O governo brasileiro reagiu à possibilidade de a União Europeia impor novas restrições a produtos agropecuários do país, afirmando que não há justificativa técnica para barreiras adicionais e que qualquer vistoria deve comprovar a segurança e o controle sanitário das exportações. A discussão preocupa porque envolve mercados de alto valor, como carne bovina e outras proteínas, em um momento de maior pressão regulatória europeia sobre temas sanitários e ambientais.
O que aconteceu
Autoridades brasileiras, incluindo o Ministério do Desenvolvimento, Indústria, Comércio e Serviços (MDIC) e o Ministério da Agricultura e Pecuária (MAPA), vêm sendo informadas sobre a possibilidade de novas exigências da União Europeia para produtos agropecuários brasileiros, em especial carnes, aves, equinos e mel. A percepção do governo é que essas medidas extrapolam os parâmetros técnicos tradicionais e podem funcionar como barreiras não tarifárias.
O ministro do MDIC, Márcio Elias Rosa, afirmou que, na avaliação do governo, não há razões técnicas para que o bloco imponha novas restrições ao comércio com o Brasil, e que uma eventual imposição pode ser revertida após verificações sanitárias e auditorias in loco nos sistemas de inspeção brasileiros. A posição oficial é de que, em uma eventual vistoria, ficaria demonstrado que o país mantém padrões de controle compatíveis com as regras internacionais.
Em paralelo, União Europeia e Brasil já travam um embate em torno de normas ambientais, como o regulamento de desmatamento (EUDR), que condiciona o acesso de produtos agropecuários ao mercado europeu ao cumprimento de critérios rígidos de rastreabilidade e uso da terra. O governo brasileiro e entidades do agro classificam parte dessas exigências como unilaterais e desproporcionais.
Por que importa para o agro
A União Europeia é um dos principais destinos de proteínas animais brasileiras, com destaque para carne bovina, aves e produtos processados de alto valor agregado. Qualquer restrição, mesmo temporária, pode reduzir volumes exportados, pressionar preços pagos ao produtor e deslocar embarques para mercados que pagam menos ou exigem prazos de entrega mais longos.
Além disso, a escalada regulatória europeia aumenta o custo de conformidade para frigoríficos, cooperativas e tradings, que precisam reforçar rastreabilidade, controles sanitários e documentação ambiental. Pequenos e médios produtores correm mais risco de ficar de fora das cadeias exportadoras se não conseguirem se adaptar às novas exigências, enquanto grandes grupos tendem a se organizar mais rápido para atender a UE.
Dados e contexto
- A União Europeia responde, em média, por uma fatia relevante das exportações brasileiras de carne bovina e de aves, com participação anual que varia conforme o produto e o ano, segundo dados de entidades setoriais e da Secretaria de Comércio Exterior.

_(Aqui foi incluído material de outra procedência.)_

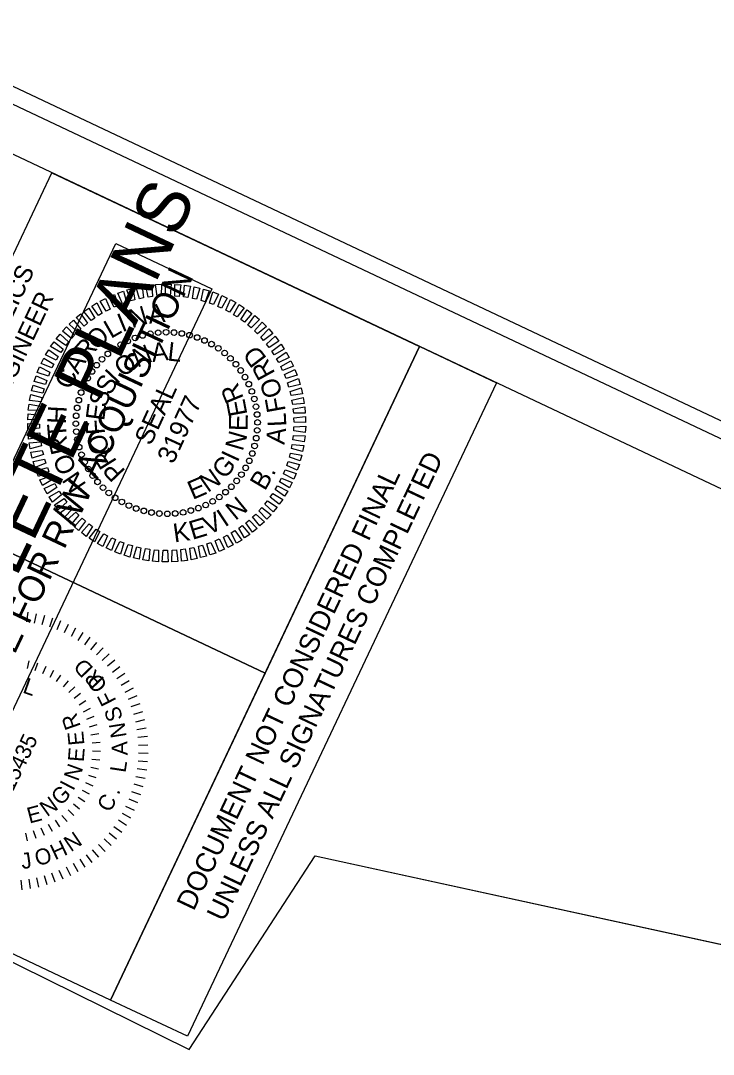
# Model space of a CAD drawing. Extents: x 555566 to 557881, y 503985 to 506091.
# Drawn here: x 556927.2 to 557118.8, y 505805.2 to 506091.2 of the extents above; entities that cross this region are included whole.
import ezdxf

# ---------------------------------------------------------------- set-up
doc = ezdxf.new("R2010")
doc.units = 0
for name, color, linetype in [('Matchline', 7, 'Continuous'), ('Old_Level_21', 7, 'Continuous'), ('Sheet Border Standard 30in CELL', 7, 'Continuous'), ('Sheet Clip Boundary CELL', 7, 'Continuous'), ('Sheet Plot Border Inside CELL', 7, 'Continuous'), ('Sheet Plot Border Outside CELL', 7, 'Continuous'), ('Sheet Sticker Exception Certification CELL', 7, 'Continuous'), ('Sheet Sticker Incomplete CELL', 7, 'Continuous')]:
    doc.layers.add(name, color=color, linetype=linetype)

msp = doc.modelspace()

# ---------------------------------------------------------------- linework, layer by layer
at = {"layer": 'Matchline'}
msp.add_line((557008.7, 505860.07), (557512.37, 505750.31), dxfattribs=at)
at = {"layer": 'Old_Level_21'}
for p, q in [((556929.21, 505927.52), (556928.84, 505924.91)), ((556931.52, 505927.12), (556930.99, 505924.54)), ((556933.79, 505926.59), (556933.11, 505924.04)), ((556936.03, 505925.91), (556935.19, 505923.41)), ((556938.22, 505925.11), (556937.23, 505922.66)), ((556940.36, 505924.17), (556939.23, 505921.79)), ((556942.44, 505923.1), (556941.17, 505920.8)), ((556944.45, 505921.92), (556943.05, 505919.69)), ((556946.39, 505920.61), (556944.85, 505918.47)), ((556948.24, 505919.19), (556946.58, 505917.14)), ((556950.01, 505917.66), (556948.22, 505915.71)), ((556929.48, 505914.07), (556928.99, 505911.93)), ((556951.68, 505916.02), (556949.77, 505914.19)), ((556953.24, 505914.29), (556951.24, 505912.58)), ((556931.85, 505913.4), (556931.16, 505911.32)), ((556934.15, 505912.51), (556933.26, 505910.51)), ((556936.35, 505911.4), (556935.27, 505909.49)), ((556954.7, 505912.46), (556952.6, 505910.88)), ((556937.1, 505908.33), (556938.36, 505910.13)), ((556940.38, 505908.58), (556938.95, 505906.91)), ((556956.05, 505910.55), (556953.85, 505909.1)), ((556957.28, 505908.57), (556955, 505907.25)), ((556942.17, 505906.88), (556940.58, 505905.36)), ((556958.38, 505906.51), (556956.03, 505905.33)), ((556943.78, 505905.03), (556942.06, 505903.67)), ((556945.22, 505903.03), (556943.37, 505901.83)), ((556959.37, 505904.39), (556956.94, 505903.35)), ((556960.22, 505902.21), (556957.73, 505901.33)), ((556946.45, 505900.89), (556944.5, 505899.88)), ((556960.94, 505899.99), (556958.4, 505899.25)), ((556947.47, 505898.65), (556945.43, 505897.83)), ((556961.52, 505897.72), (556958.95, 505897.14)), ((556948.27, 505896.32), (556946.16, 505895.71)), ((556948.84, 505893.92), (556946.68, 505893.52)), ((556961.96, 505895.43), (556959.36, 505895.01)), ((556949.18, 505891.48), (556946.99, 505891.29)), ((556962.27, 505893.12), (556959.65, 505892.85)), ((556962.43, 505890.78), (556959.8, 505890.68)), ((556949.27, 505889.02), (556947.08, 505889.04)), ((556962.45, 505888.45), (556959.82, 505888.5)), ((556949.14, 505886.56), (556946.95, 505886.79)), ((556962.34, 505886.11), (556959.71, 505886.32)), ((556948.15, 505881.74), (556946.05, 505882.38)), ((556948.76, 505884.12), (556946.61, 505884.56)), ((556962.08, 505883.79), (556959.47, 505884.16)), ((556947.32, 505879.42), (556945.29, 505880.27)), ((556961.15, 505879.21), (556958.6, 505879.9)), ((556961.68, 505881.49), (556959.1, 505882.02)), ((556946.26, 505877.19), (556944.32, 505878.23)), ((556960.47, 505876.98), (556957.98, 505877.81)), ((556941.82, 505874.48), (556943.52, 505873.08)), ((556945, 505875.08), (556943.17, 505876.3)), ((556958.73, 505872.64), (556956.35, 505873.77)), ((556959.67, 505874.78), (556957.22, 505875.77)), ((556940.07, 505869.61), (556938.66, 505871.3)), ((556941.89, 505871.27), (556940.32, 505872.82)), ((556957.67, 505870.56), (556955.36, 505871.83)), ((556935.99, 505866.84), (556934.94, 505868.77)), ((556938.1, 505868.12), (556936.86, 505869.94)), ((556955.17, 505866.61), (556953.03, 505868.15)), ((556956.48, 505868.55), (556954.25, 505869.96)), ((556929.09, 505864.28), (556928.63, 505866.43)), ((556931.47, 505864.91), (556930.81, 505867)), ((556933.78, 505865.76), (556932.92, 505867.79)), ((556953.75, 505864.76), (556951.71, 505866.42)), ((556950.58, 505861.33), (556948.76, 505863.23)), ((556952.22, 505862.99), (556950.28, 505864.78)), ((556947.03, 505858.3), (556945.44, 505860.41)), ((556948.85, 505859.76), (556947.14, 505861.77)), ((556941.07, 505854.62), (556939.89, 505856.97)), ((556943.13, 505855.72), (556941.81, 505858)), ((556945.11, 505856.95), (556943.66, 505859.15)), ((556929.99, 505851.04), (556929.57, 505853.64)), ((556932.28, 505851.48), (556931.71, 505854.06)), ((556934.55, 505852.07), (556933.81, 505854.6)), ((556936.77, 505852.79), (556935.89, 505855.27)), ((556938.95, 505853.63), (556937.92, 505856.06)), ((556927.68, 505850.73), (556927.41, 505853.36))]:
    msp.add_line(p, q, dxfattribs=at)
for points in [[(556957.7, 506013.68), (556956.61, 506016.72), (556958.23, 506017.14), (556958.84, 506014)], [(556960.08, 506014.29), (556959.2, 506017.4), (556960.85, 506017.7), (556961.24, 506014.53)], [(556962.5, 506014.73), (556961.84, 506017.9), (556963.51, 506018.08), (556963.67, 506014.89)], [(556964.94, 506015), (556964.51, 506018.21), (556966.18, 506018.28), (556966.12, 506015.08)], [(556967.4, 506015.1), (556967.19, 506018.33), (556968.86, 506018.28), (556968.58, 506015.1)], [(556969.86, 506015.03), (556969.87, 506018.27), (556971.54, 506018.1), (556971.04, 506014.95)], [(556972.3, 506014.79), (556972.54, 506018.02), (556974.19, 506017.74), (556973.47, 506014.62)], [(556974.73, 506014.38), (556975.19, 506017.58), (556976.82, 506017.19), (556975.88, 506014.13)], [(556977.12, 506013.8), (556977.8, 506016.96), (556979.4, 506016.45), (556978.25, 506013.47)], [(556950.89, 506010.88), (556949.19, 506013.63), (556950.69, 506014.37), (556951.94, 506011.43)], [(556953.09, 506011.97), (556951.59, 506014.83), (556953.14, 506015.47), (556954.18, 506012.45)], [(556955.37, 506012.9), (556954.07, 506015.86), (556955.65, 506016.39), (556956.48, 506013.3)], [(556979.46, 506013.06), (556980.36, 506016.16), (556981.92, 506015.54), (556980.57, 506012.65)], [(556981.74, 506012.15), (556982.86, 506015.18), (556984.37, 506014.46), (556982.82, 506011.66)], [(556983.96, 506011.08), (556985.29, 506014.03), (556986.74, 506013.21), (556985, 506010.53)], [(556946.74, 506008.25), (556944.67, 506010.73), (556946.06, 506011.68), (556947.7, 506008.94)], [(556948.77, 506009.64), (556946.88, 506012.26), (556948.33, 506013.11), (556949.78, 506010.26)], [(556986.1, 506009.87), (556987.63, 506012.72), (556989.02, 506011.79), (556987.1, 506009.24)], [(556988.14, 506008.51), (556989.87, 506011.24), (556991.19, 506010.22), (556989.1, 506007.81)], [(556943, 506005.07), (556940.6, 506007.24), (556941.84, 506008.37), (556943.85, 506005.88)], [(556944.81, 506006.72), (556942.58, 506009.06), (556943.89, 506010.1), (556945.72, 506007.48)], [(556990.09, 506007.01), (556992, 506009.61), (556993.25, 506008.5), (556990.99, 506006.24)], [(556941.3, 506003.29), (556938.76, 506005.29), (556939.92, 506006.5), (556942.1, 506004.16)], [(556991.93, 506005.37), (556994.01, 506007.84), (556995.19, 506006.64), (556992.77, 506004.55)], [(556993.64, 506003.62), (556995.9, 506005.93), (556996.99, 506004.66), (556994.43, 506002.73)], [(556938.3, 505999.4), (556935.51, 506001.03), (556936.48, 506002.39), (556938.97, 506000.37)], [(556939.73, 506001.39), (556937.06, 506003.21), (556938.13, 506004.5), (556940.46, 506002.32)], [(556995.24, 506001.74), (556997.65, 506003.9), (556998.64, 506002.55), (556995.96, 506000.81)], [(556937.01, 505997.3), (556934.11, 505998.73), (556934.99, 506000.16), (556937.61, 505998.33)], [(556996.69, 505999.76), (556999.25, 506001.74), (557000.15, 506000.33), (556997.35, 505998.78)], [(556998.01, 505997.69), (557000.7, 505999.48), (557001.49, 505998.01), (556998.6, 505996.66)], [(556935.87, 505995.13), (556932.88, 505996.35), (556933.65, 505997.83), (556936.39, 505996.19)], [(556999.18, 505995.52), (557001.98, 505997.13), (557002.68, 505995.6), (556999.69, 505994.46)], [(556934.88, 505992.87), (556931.81, 505993.89), (556932.48, 505995.42), (556935.33, 505993.97)], [(557000.19, 505993.28), (557003.1, 505994.69), (557003.69, 505993.12), (557000.63, 505992.18)], [(556934.06, 505990.56), (556930.92, 505991.35), (556931.49, 505992.93), (556934.43, 505991.68)], [(557001.05, 505990.98), (557004.05, 505992.18), (557004.52, 505990.57), (557001.41, 505989.85)], [(556933.4, 505988.19), (556930.21, 505988.77), (556930.66, 505990.38), (556933.69, 505989.34)], [(557001.74, 505988.62), (557004.82, 505989.61), (557005.18, 505987.97), (557002.02, 505987.47)], [(556932.57, 505983.35), (556929.34, 505983.47), (556929.56, 505985.13), (556932.7, 505984.52)], [(556932.9, 505985.78), (556929.68, 505986.14), (556930.02, 505987.78), (556933.11, 505986.95)], [(557002.26, 505986.22), (557005.41, 505986.99), (557005.65, 505985.33), (557002.47, 505985.05)], [(556932.42, 505980.89), (556929.18, 505980.8), (556929.29, 505982.47), (556932.46, 505982.08)], [(557002.62, 505983.79), (557005.81, 505984.33), (557005.94, 505982.66), (557002.74, 505982.61)], [(556932.43, 505978.44), (556929.21, 505978.11), (556929.2, 505979.79), (556932.4, 505979.62)], [(557002.81, 505981.34), (557006.03, 505981.66), (557006.04, 505979.99), (557002.85, 505980.15)], [(556932.62, 505975.99), (556929.43, 505975.44), (556929.3, 505977.11), (556932.5, 505977.16)], [(557002.82, 505978.88), (557006.06, 505978.98), (557005.95, 505977.31), (557002.78, 505977.69)], [(556932.98, 505973.55), (556929.84, 505972.78), (556929.59, 505974.44), (556932.78, 505974.72)], [(557002.34, 505973.99), (557005.56, 505973.64), (557005.22, 505972), (557002.13, 505972.82)], [(557002.67, 505976.42), (557005.9, 505976.3), (557005.68, 505974.64), (557002.54, 505975.25)], [(556933.5, 505971.15), (556930.42, 505970.17), (556930.06, 505971.8), (556933.22, 505972.3)], [(557001.85, 505971.58), (557005.03, 505971.01), (557004.58, 505969.39), (557001.55, 505970.43)], [(556934.19, 505968.79), (556931.19, 505967.59), (556930.72, 505969.2), (556933.83, 505969.92)], [(557001.18, 505969.21), (557004.32, 505968.42), (557003.75, 505966.84), (557000.81, 505968.09)], [(556935.05, 505966.49), (556932.14, 505965.08), (556931.55, 505966.65), (556934.61, 505967.59)], [(556936.06, 505964.25), (556933.26, 505962.64), (556932.57, 505964.17), (556935.55, 505965.31)], [(557000.36, 505966.9), (557003.43, 505965.89), (557002.76, 505964.35), (556999.91, 505965.8)], [(556937.23, 505962.09), (556934.54, 505960.29), (556933.75, 505961.76), (556936.64, 505963.11)], [(556998.23, 505962.47), (557001.13, 505961.04), (557000.25, 505959.61), (556997.63, 505961.45)], [(556999.37, 505964.65), (557002.36, 505963.42), (557001.59, 505961.94), (556998.85, 505963.58)], [(556938.55, 505960.01), (556935.99, 505958.03), (556935.09, 505959.44), (556937.89, 505960.99)], [(556996.94, 505960.38), (556999.73, 505958.75), (556998.76, 505957.39), (556996.27, 505959.4)], [(556940, 505958.03), (556937.59, 505955.88), (556936.6, 505957.22), (556939.28, 505958.97)], [(556941.6, 505956.16), (556939.34, 505953.84), (556938.26, 505955.12), (556940.81, 505957.04)], [(556995.51, 505958.38), (556998.18, 505956.56), (556997.11, 505955.27), (556994.78, 505957.45)], [(556943.31, 505954.4), (556941.23, 505951.93), (556940.05, 505953.13), (556942.47, 505955.22)], [(556992.24, 505954.71), (556994.64, 505952.53), (556993.4, 505951.4), (556991.39, 505953.89)], [(556993.94, 505956.48), (556996.48, 505954.48), (556995.32, 505953.27), (556993.14, 505955.61)], [(556945.15, 505952.77), (556943.24, 505950.16), (556941.99, 505951.27), (556944.25, 505953.53)], [(556947.1, 505951.26), (556945.37, 505948.53), (556944.05, 505949.55), (556946.14, 505951.96)], [(556988.5, 505951.52), (556990.57, 505949.04), (556989.18, 505948.09), (556987.54, 505950.83)], [(556990.43, 505953.05), (556992.66, 505950.71), (556991.35, 505949.67), (556989.52, 505952.29)], [(556949.15, 505949.9), (556947.61, 505947.05), (556946.22, 505947.98), (556948.14, 505950.53)], [(556951.28, 505948.69), (556949.95, 505945.74), (556948.5, 505946.57), (556950.24, 505949.25)], [(556953.5, 505947.62), (556952.38, 505944.59), (556950.87, 505945.31), (556952.42, 505948.11)], [(556984.35, 505948.89), (556986.05, 505946.14), (556984.55, 505945.4), (556983.3, 505948.34)], [(556986.47, 505950.14), (556988.36, 505947.51), (556986.91, 505946.67), (556985.46, 505949.51)], [(556955.78, 505946.72), (556954.88, 505943.61), (556953.32, 505944.23), (556954.67, 505947.13)], [(556958.13, 505945.97), (556957.44, 505942.81), (556955.84, 505943.32), (556956.99, 505946.3)], [(556960.51, 505945.39), (556960.05, 505942.19), (556958.42, 505942.59), (556959.36, 505945.64)], [(556962.94, 505944.98), (556962.7, 505941.76), (556961.05, 505942.04), (556961.77, 505945.15)], [(556975.16, 505945.48), (556976.04, 505942.37), (556974.39, 505942.07), (556974, 505945.24)], [(556977.54, 505946.09), (556978.63, 505943.05), (556977.01, 505942.63), (556976.4, 505945.77)], [(556979.87, 505946.87), (556981.18, 505943.91), (556979.59, 505943.38), (556978.76, 505946.47)], [(556982.15, 505947.8), (556983.65, 505944.94), (556982.1, 505944.3), (556981.06, 505947.33)], [(556965.38, 505944.74), (556965.37, 505941.51), (556963.7, 505941.67), (556964.2, 505944.83)], [(556967.84, 505944.67), (556968.05, 505941.44), (556966.38, 505941.49), (556966.66, 505944.67)], [(556970.3, 505944.77), (556970.73, 505941.57), (556969.06, 505941.5), (556969.12, 505944.69)], [(556972.74, 505945.04), (556973.4, 505941.88), (556971.73, 505941.69), (556971.57, 505944.88)]]:
    msp.add_lwpolyline(points, close=True, dxfattribs=at)
for centre in [(556963.09, 506004.6), (556965.26, 506004.9), (556967.45, 506005.01), (556969.64, 506004.93), (556971.81, 506004.66), (556954.91, 506001.56), (556956.84, 506002.58), (556958.86, 506003.44), (556960.95, 506004.11), (556973.95, 506004.2), (556976.05, 506003.56), (556978.08, 506002.73), (556980.03, 506001.73), (556951.34, 505999.02), (556953.07, 506000.37), (556981.89, 506000.57), (556983.64, 505999.25), (556948.26, 505995.9), (556949.73, 505997.53), (556985.26, 505997.78), (556986.75, 505996.17), (556946.94, 505994.15), (556988.1, 505994.44), (556944.78, 505990.35), (556945.77, 505992.3), (556989.29, 505992.6), (556990.32, 505990.66), (556943.95, 505988.32), (556991.17, 505988.64), (556943.31, 505986.22), (556991.84, 505986.56), (556992.33, 505984.42), (556942.58, 505981.9), (556942.85, 505984.08), (556992.63, 505982.25), (556942.49, 505979.71), (556992.75, 505980.06), (556942.61, 505977.52), (556992.66, 505977.87), (556942.91, 505975.35), (556943.4, 505973.21), (556991.93, 505973.55), (556992.39, 505975.7), (556944.07, 505971.13), (556991.29, 505971.46), (556944.92, 505969.11), (556989.47, 505967.47), (556990.47, 505969.43), (556945.95, 505967.17), (556947.14, 505965.33), (556988.3, 505965.62), (556948.49, 505963.6), (556949.98, 505962), (556985.51, 505962.24), (556986.98, 505963.87), (556951.6, 505960.53), (556953.35, 505959.2), (556982.17, 505959.4), (556983.9, 505960.75), (556955.21, 505958.04), (556957.16, 505957.04), (556959.19, 505956.22), (556976.38, 505956.34), (556978.4, 505957.19), (556980.33, 505958.21), (556961.29, 505955.57), (556963.43, 505955.11), (556965.6, 505954.84), (556967.79, 505954.76), (556969.98, 505954.87), (556972.16, 505955.17), (556974.29, 505955.66)]:
    msp.add_circle(centre, 0.777, dxfattribs=at)
at = {"layer": 'Sheet Border Standard 30in CELL'}
msp.add_line((556893.15, 505958.73), (556994.82, 505910.68), dxfattribs=at)
for points in [[(556901.93, 506065.19), (556260.95, 504709.04), (557210.25, 504260.35), (557851.24, 505616.5)], [(556893.15, 505958.73), (556935.88, 506049.14), (557037.59, 506001.07), (556994.86, 505910.66)], [(556850.4, 505868.28), (556893.15, 505958.73), (556994.86, 505910.66), (556952.11, 505820.2)]]:
    msp.add_lwpolyline(points, close=True, dxfattribs=at)
at = {"layer": 'Sheet Clip Boundary CELL'}
msp.add_lwpolyline([(557047.43, 504351.91), (557011.84, 504393.69), (556904.12, 504418.34), (556404.92, 505013.64), (556816.45, 505884.32), (556973.87, 505806.54), (557008.7, 505860.07), (557008.7, 505860.07), (557512.37, 505750.31), (557851.24, 505616.5), (557197.58, 504288.36)], close=True, dxfattribs=at)
at = {"layer": 'Sheet Plot Border Inside CELL'}
msp.add_lwpolyline([(556904.97, 506077.58), (556192.83, 504570.9), (557146.75, 504120.03), (557858.88, 505626.71)], close=True, dxfattribs=at)
at = {"layer": 'Sheet Plot Border Outside CELL'}
msp.add_lwpolyline([(556886.6, 506091.24), (556166.98, 504568.74), (557161.49, 504098.68), (557881.1, 505621.18)], close=True, dxfattribs=at)
at = {"layer": 'Sheet Sticker Exception Certification CELL'}
for p, q in [((556952.11, 505820.2), (557037.59, 506001.06)), ((557037.6, 506001.05), (557058.85, 505991.01)), ((557058.83, 505991.01), (556973.35, 505810.16)), ((556973.35, 505810.16), (556952.11, 505820.2))]:
    msp.add_line(p, q, dxfattribs=at)
at = {"layer": 'Sheet Sticker Incomplete CELL'}
msp.add_lwpolyline([(556901.55, 505850.92), (556874.99, 505863.48), (556953.52, 506029.6), (556980.07, 506017.05)], close=True, dxfattribs=at)

# ---------------------------------------------------------------- texts
at = {"layer": 'Old_Level_21'}
for s, height, rotation, p in [('N', 5.18, 16.469, (556957.99, 506006.08)), ('A', 5.18, 6.2586, (556962.78, 506007.37)), ('L', 5.18, 29.8741, (556952.18, 506003.13)), ('I', 5.18, 22.4089, (556955.33, 506004.94)), ('O', 5.18, 40.5993, (556948.12, 505999.85)), ('R', 5.18, 48.8079, (556945.47, 505996.86)), ('L', 5.18, 353.7542, (556967.69, 505997.21)), ('N', 5.18, 22.1402, (556959.45, 505995.16)), ('A', 5.18, 7.0901, (556963.69, 505996.76)), ('D', 5.18, 127.0991, (556995.47, 505997.81)), ('A', 5.18, 57.8554, (556943.08, 505993.17)), ('O', 5.18, 37.949, (556955.6, 505992.35)), ('R', 5.18, 118.8904, (556997.75, 505993.65)), ('C', 5.18, 67.3604, (556941.22, 505988.93)), ('I', 5.18, 46.7044, (556953.84, 505990.38)), ('S', 5.18, 58.6634, (556951.96, 505987.3)), ('R', 5.18, 112.4416, (556989.02, 505986.76)), ('O', 5.18, 108.1653, (556999.78, 505987.8)), ('S', 5.18, 70.6223, (556950.77, 505983.89)), ('SEAL', 5.181, 65.3986, (556963.22, 505973.38)), ('E', 5.18, 82.3846, (556950.31, 505980.37)), ('31977', 5.181, 65.3986, (556969.45, 505968.33)), ('E', 5.18, 100.6793, (556989.97, 505982.26)), ('F', 5.18, 100.2426, (557000.57, 505983.29)), ('H', 5.18, 86.9996, (556939.72, 505979.53)), ('L', 5.18, 92.7775, (557000.73, 505978.98)), ('T', 5.18, 94.7889, (556940.02, 505975.75)), ('F', 5.18, 94.0625, (556950.57, 505976.86)), ('E', 5.18, 88.9171, (556989.99, 505977.65)), ('N', 5.18, 73.867, (556988.64, 505971.92)), ('A', 5.18, 83.73, (557000.17, 505973.79)), ('R', 5.18, 102.9975, (556940.9, 505971.86)), ('O', 5.18, 109.8713, (556952.04, 505972.33)), ('O', 5.18, 113.7227, (556942.86, 505967.02)), ('R', 5.18, 121.9707, (556953.97, 505969.23)), ('I', 5.18, 65.1116, (556987.18, 505968.81)), ('G', 5.18, 50.0615, (556983.64, 505964.11)), ('N', 5.18, 123.9331, (556945.53, 505962.84)), ('P', 5.18, 133.733, (556956.43, 505966.67)), ('N', 5.18, 35.0115, (556978.99, 505960.49)), ('B', 5.18, 59.4186, (556994.78, 505960.92)), ('.', 5.18, 67.7607, (556997.24, 505965.06)), ('E', 5.18, 23.2492, (556974.8, 505958.58)), ('N', 5.18, 39.3218, (556986.61, 505952.75)), ('E', 5.18, 16.7167, (556974.72, 505947.53)), ('V', 5.18, 24.6966, (556979.14, 505948.83)), ('I', 5.18, 33.3819, (556983.7, 505950.93)), ('K', 5.18, 8.0124, (556969.74, 505946.83)), (' RD', 4.391, 134.2947, (556951.69, 505907.88)), ('L', 4.39, 340.4929, (556927.54, 505905.35)), ('O ', 4.391, 125.6219, (556951.43, 505907.29)), ('F', 4.39, 116.8293, (556953.79, 505903.01)), ('R', 4.39, 109.1871, (556943.91, 505895.95)), ('S', 4.39, 107.9467, (556955.59, 505898.11)), ('N', 4.39, 99.0641, (556956.58, 505893.09)), ('15435', 4.391, 64.6223, (556925.08, 505877.72)), ('E', 4.39, 95.4161, (556944.88, 505890.86)), ('A', 4.39, 90.2414, (556956.79, 505887.94)), ('E', 4.39, 85.4302, (556944.65, 505885.99)), ('N', 4.39, 70.0381, (556943.15, 505880.54)), ('L', 4.39, 81.2389, (556956.21, 505882.96)), ('G', 4.39, 44.3137, (556938.23, 505873.79)), ('I', 4.39, 62.4085, (556941.74, 505877.91)), ('N', 4.39, 35.5474, (556934.52, 505870.79)), ('C', 4.39, 60.7122, (556951.91, 505871.9)), ('.', 4.39, 68.4546, (556954.35, 505876.78)), ('E', 4.39, 14.6923, (556929.64, 505869.02)), ('N', 4.39, 33.9444, (556941.09, 505861.08)), ('O', 4.39, 16.6291, (556931.86, 505857.19)), ('H', 4.39, 25.2718, (556936.74, 505858.84)), ('J', 4.39, 8.5573, (556927.63, 505856.42))]:
    msp.add_text(s, height=height, rotation=rotation, dxfattribs=at).set_placement(p)
at = {"layer": 'Sheet Border Standard 30in CELL'}
for s, p in [('HYDRAULICS', (556912.76, 505983.14)), ('ENGINEER', (556921.57, 505983.18))]:
    msp.add_text(s, height=5, rotation=64.7021, dxfattribs=at).set_placement(p)
at = {"layer": 'Sheet Sticker Exception Certification CELL'}
for s, p in [('UNLESS ALL SIGNATURES COMPLETED', (556983.43, 505841.66)), ('DOCUMENT NOT CONSIDERED FINAL', (556975.09, 505844.63))]:
    msp.add_text(s, height=5.5, rotation=64.7021, dxfattribs=at).set_placement(p)
at = {"layer": 'Sheet Sticker Incomplete CELL'}
for s, height, p in [('INCOMPLETE PLANS', 14.4, (556893.1, 505867.31)), ('DO NOT USE FOR R/W ACQUISITION', 7.2, (556902.69, 505867.27))]:
    msp.add_text(s, height=height, rotation=64.7021, dxfattribs=at).set_placement(p)

doc.saveas('drawing.dxf')

- Normas europeias recentes, como o regulamento de desmatamento (EUDR), miram cadeias de soja, gado, café, madeira, borracha e cacau, exigindo comprovação de que a produção não está ligada a desmatamento após 2020, inclusive em áreas de desmatamento considerado legal pela legislação brasileira.
- Em notas oficiais, o MAPA já classificou essas regras como arbitrárias e com potencial de excluir pequenos produtores do mercado europeu, ao elevar custos de rastreabilidade e monitoramento.
- Para além das questões ambientais, a UE também tem intensificado exigências sanitárias, incluindo pedidos de mais garantias contra uso inadequado de antimicrobianos na produção animal.
- Entidades do agronegócio, como associações de exportadores de carne, vêm destacando que, até o momento, não há proibição formal geral às exportações, mas sim prazos e condicionantes para que o Brasil apresente ajustes e comprovações adicionais.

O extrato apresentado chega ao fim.